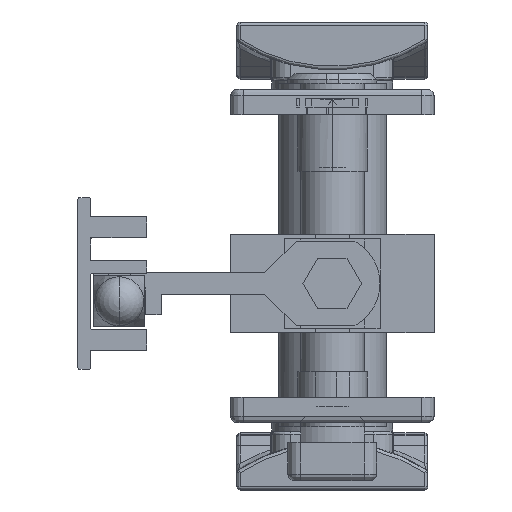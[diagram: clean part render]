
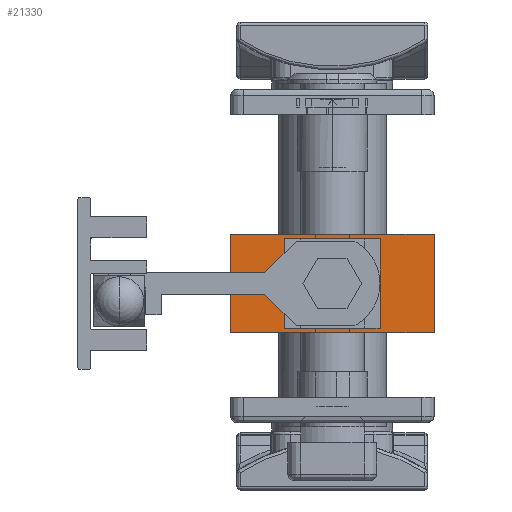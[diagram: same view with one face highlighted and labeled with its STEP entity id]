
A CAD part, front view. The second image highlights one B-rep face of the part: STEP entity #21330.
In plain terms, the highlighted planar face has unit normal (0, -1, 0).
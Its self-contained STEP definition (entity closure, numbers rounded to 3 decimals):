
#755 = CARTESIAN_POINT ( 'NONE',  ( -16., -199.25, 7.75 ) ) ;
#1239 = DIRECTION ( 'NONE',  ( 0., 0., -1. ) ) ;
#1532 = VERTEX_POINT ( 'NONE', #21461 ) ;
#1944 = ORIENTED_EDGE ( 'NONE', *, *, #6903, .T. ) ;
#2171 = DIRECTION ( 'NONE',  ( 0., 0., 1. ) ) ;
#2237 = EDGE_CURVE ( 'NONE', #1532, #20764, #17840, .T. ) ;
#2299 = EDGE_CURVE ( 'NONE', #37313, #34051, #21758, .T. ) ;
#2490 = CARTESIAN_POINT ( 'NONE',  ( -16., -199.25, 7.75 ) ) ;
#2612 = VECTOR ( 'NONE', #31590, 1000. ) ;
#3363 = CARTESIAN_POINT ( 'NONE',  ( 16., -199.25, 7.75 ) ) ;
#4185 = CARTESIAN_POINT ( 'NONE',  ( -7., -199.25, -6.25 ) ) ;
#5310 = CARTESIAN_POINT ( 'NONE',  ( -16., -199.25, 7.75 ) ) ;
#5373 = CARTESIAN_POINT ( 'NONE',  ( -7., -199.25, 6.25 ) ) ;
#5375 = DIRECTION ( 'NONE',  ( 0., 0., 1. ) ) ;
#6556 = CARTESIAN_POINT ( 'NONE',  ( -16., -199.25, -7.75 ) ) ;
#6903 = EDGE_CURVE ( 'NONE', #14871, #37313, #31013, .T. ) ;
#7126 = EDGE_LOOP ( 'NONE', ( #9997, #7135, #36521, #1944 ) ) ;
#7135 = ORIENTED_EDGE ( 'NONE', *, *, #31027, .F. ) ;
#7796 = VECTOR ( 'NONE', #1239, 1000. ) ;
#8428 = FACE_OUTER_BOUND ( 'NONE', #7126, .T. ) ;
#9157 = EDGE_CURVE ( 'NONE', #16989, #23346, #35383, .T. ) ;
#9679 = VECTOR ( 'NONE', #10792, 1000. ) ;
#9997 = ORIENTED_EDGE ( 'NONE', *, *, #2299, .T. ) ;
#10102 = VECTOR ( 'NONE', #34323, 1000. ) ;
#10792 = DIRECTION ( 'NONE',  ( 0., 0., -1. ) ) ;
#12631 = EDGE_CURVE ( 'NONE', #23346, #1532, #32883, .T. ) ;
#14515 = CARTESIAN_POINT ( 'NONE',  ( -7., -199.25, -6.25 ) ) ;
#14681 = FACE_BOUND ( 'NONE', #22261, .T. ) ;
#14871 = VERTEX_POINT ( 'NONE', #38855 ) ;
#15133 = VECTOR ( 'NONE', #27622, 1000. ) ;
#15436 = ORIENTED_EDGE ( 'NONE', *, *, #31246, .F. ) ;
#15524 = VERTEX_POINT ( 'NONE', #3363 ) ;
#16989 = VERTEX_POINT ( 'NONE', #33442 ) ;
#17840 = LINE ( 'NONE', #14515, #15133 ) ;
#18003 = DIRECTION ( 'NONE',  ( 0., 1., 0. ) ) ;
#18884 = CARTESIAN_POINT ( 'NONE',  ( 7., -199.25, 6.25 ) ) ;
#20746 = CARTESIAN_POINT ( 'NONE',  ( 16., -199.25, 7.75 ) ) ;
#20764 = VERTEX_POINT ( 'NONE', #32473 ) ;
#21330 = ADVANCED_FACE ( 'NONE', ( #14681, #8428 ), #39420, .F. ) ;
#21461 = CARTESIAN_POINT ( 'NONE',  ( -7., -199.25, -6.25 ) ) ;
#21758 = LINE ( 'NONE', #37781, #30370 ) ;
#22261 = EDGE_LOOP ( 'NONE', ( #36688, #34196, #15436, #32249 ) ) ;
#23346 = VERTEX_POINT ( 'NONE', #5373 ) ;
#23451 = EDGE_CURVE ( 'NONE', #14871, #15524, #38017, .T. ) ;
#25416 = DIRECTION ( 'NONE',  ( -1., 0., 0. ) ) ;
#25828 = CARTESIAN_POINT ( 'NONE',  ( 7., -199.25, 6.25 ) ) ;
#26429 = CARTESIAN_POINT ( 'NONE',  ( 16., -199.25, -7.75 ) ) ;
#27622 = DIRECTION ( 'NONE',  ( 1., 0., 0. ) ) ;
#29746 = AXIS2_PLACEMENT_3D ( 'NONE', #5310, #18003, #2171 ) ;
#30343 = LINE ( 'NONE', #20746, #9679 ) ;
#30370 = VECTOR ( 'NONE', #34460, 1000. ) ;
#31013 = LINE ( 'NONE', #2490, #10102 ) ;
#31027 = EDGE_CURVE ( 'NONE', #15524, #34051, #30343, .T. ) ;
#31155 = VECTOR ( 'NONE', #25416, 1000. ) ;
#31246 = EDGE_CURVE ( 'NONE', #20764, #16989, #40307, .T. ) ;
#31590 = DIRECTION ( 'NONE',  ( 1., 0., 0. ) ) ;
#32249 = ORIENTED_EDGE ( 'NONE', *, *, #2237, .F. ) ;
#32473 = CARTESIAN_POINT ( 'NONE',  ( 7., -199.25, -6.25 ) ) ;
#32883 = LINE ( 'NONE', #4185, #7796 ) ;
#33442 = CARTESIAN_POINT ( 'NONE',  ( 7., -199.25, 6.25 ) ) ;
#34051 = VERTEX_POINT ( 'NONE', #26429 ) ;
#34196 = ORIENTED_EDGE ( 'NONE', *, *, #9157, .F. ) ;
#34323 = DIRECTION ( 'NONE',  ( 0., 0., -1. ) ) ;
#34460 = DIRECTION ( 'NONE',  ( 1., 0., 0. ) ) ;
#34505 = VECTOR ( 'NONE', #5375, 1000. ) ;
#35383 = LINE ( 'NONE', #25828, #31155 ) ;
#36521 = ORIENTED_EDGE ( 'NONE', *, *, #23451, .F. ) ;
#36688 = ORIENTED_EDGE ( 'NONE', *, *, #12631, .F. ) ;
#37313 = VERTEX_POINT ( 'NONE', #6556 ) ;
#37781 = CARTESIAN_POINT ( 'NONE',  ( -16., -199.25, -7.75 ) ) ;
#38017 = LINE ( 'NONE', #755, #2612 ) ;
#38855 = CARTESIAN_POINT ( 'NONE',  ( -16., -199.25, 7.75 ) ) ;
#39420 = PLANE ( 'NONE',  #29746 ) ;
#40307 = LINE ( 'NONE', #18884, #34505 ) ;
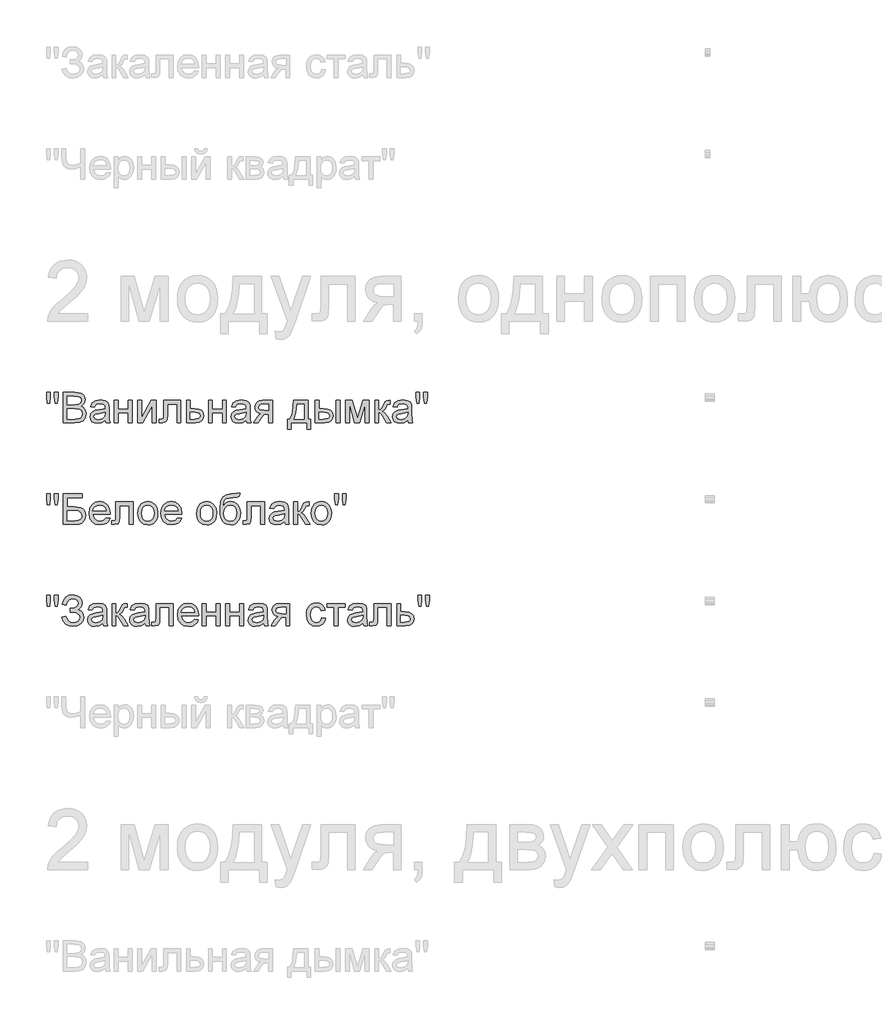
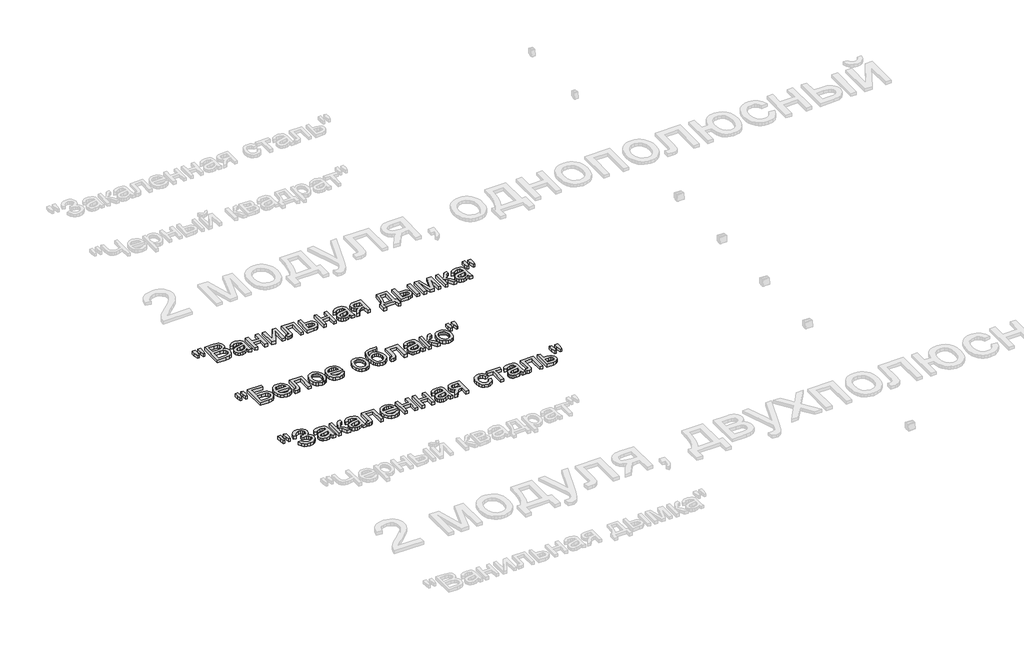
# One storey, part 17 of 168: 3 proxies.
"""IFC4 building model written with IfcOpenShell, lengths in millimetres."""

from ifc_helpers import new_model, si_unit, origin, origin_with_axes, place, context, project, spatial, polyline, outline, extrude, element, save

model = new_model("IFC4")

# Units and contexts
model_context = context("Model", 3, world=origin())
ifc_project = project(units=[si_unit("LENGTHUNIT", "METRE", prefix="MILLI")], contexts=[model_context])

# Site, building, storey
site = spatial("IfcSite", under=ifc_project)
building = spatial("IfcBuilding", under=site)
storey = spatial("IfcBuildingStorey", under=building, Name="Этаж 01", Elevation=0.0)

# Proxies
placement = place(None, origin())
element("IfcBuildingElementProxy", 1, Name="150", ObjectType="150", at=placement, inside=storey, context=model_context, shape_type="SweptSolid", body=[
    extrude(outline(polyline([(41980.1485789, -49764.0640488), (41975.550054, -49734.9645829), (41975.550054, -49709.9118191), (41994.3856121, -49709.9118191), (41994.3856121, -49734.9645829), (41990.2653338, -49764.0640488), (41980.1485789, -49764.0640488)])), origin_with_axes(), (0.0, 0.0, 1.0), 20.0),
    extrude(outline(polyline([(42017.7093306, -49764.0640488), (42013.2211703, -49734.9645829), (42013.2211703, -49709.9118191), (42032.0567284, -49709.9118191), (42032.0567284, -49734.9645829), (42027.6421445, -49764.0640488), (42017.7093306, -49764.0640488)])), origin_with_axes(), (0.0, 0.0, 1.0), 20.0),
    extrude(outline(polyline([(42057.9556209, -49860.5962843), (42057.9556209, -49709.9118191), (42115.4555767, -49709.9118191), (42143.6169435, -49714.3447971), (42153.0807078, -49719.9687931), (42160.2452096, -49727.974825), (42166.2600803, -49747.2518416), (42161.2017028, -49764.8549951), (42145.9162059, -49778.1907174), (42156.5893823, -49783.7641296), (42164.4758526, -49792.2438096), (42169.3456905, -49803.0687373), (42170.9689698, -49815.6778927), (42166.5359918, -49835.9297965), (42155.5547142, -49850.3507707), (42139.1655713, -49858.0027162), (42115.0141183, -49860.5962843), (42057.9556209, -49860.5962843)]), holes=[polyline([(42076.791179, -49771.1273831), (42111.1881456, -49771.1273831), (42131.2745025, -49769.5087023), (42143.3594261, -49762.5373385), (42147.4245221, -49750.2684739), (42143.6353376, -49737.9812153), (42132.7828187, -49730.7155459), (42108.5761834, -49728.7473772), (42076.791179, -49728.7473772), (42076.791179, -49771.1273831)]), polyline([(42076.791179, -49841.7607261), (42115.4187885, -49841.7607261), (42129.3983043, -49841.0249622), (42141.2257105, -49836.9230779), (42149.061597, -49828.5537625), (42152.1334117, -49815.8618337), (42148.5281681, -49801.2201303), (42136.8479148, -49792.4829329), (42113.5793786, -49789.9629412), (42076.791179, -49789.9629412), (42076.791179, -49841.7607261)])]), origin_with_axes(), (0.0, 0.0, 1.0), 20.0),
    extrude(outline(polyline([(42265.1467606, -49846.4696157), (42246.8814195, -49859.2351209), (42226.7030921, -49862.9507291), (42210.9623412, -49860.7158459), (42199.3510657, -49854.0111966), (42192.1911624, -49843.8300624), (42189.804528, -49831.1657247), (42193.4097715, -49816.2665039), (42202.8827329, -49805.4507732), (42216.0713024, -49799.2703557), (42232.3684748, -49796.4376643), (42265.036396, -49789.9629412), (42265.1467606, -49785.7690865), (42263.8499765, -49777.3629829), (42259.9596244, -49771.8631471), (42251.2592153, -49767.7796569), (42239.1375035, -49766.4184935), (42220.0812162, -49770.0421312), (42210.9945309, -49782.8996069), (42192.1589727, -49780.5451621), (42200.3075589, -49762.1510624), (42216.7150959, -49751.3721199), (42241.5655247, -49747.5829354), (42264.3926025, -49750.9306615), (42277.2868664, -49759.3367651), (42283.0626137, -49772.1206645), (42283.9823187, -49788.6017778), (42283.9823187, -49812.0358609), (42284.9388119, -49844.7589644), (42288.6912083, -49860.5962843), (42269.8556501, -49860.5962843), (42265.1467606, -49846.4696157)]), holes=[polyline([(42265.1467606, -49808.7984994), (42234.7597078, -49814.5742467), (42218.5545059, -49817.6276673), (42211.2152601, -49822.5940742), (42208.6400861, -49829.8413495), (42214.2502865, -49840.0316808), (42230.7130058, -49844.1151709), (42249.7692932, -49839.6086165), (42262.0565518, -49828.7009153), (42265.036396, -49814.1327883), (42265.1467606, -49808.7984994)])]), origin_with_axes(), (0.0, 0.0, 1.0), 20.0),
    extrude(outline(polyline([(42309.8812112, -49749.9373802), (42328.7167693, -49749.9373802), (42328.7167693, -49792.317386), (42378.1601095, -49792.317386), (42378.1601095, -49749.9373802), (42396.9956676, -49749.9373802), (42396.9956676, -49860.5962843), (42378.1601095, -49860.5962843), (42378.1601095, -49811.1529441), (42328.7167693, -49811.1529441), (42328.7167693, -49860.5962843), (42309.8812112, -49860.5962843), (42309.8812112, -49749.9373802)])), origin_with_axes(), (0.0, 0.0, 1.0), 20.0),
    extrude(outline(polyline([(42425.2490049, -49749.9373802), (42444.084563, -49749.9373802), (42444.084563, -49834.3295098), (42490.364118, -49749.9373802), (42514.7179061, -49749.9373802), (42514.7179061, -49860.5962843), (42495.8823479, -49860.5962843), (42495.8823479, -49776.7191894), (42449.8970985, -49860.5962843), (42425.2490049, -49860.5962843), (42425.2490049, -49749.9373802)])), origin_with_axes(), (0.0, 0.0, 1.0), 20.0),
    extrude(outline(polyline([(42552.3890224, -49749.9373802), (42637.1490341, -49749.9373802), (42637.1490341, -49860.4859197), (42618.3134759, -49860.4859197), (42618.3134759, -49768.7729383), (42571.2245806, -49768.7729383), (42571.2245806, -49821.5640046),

# WHAT THE EXERCISE ASKS
Your answer must consist solely of the lines above between the line holding "#2171 = DIRECTION" and the line holding "#6903 = EDGE_CURVE", inclusive, copied exactly.

# ANSWER SECTION
#2171 = DIRECTION ( 'NONE',  ( 0., 0., 1. ) ) ;
#2237 = EDGE_CURVE ( 'NONE', #1532, #20764, #17840, .T. ) ;
#2299 = EDGE_CURVE ( 'NONE', #37313, #34051, #21758, .T. ) ;
#2490 = CARTESIAN_POINT ( 'NONE',  ( -16., -199.25, 7.75 ) ) ;
#2612 = VECTOR ( 'NONE', #31590, 1000. ) ;
#3363 = CARTESIAN_POINT ( 'NONE',  ( 16., -199.25, 7.75 ) ) ;
#4185 = CARTESIAN_POINT ( 'NONE',  ( -7., -199.25, -6.25 ) ) ;
#5310 = CARTESIAN_POINT ( 'NONE',  ( -16., -199.25, 7.75 ) ) ;
#5373 = CARTESIAN_POINT ( 'NONE',  ( -7., -199.25, 6.25 ) ) ;
#5375 = DIRECTION ( 'NONE',  ( 0., 0., 1. ) ) ;
#6556 = CARTESIAN_POINT ( 'NONE',  ( -16., -199.25, -7.75 ) ) ;
#6903 = EDGE_CURVE ( 'NONE', #14871, #37313, #31013, .T. ) ;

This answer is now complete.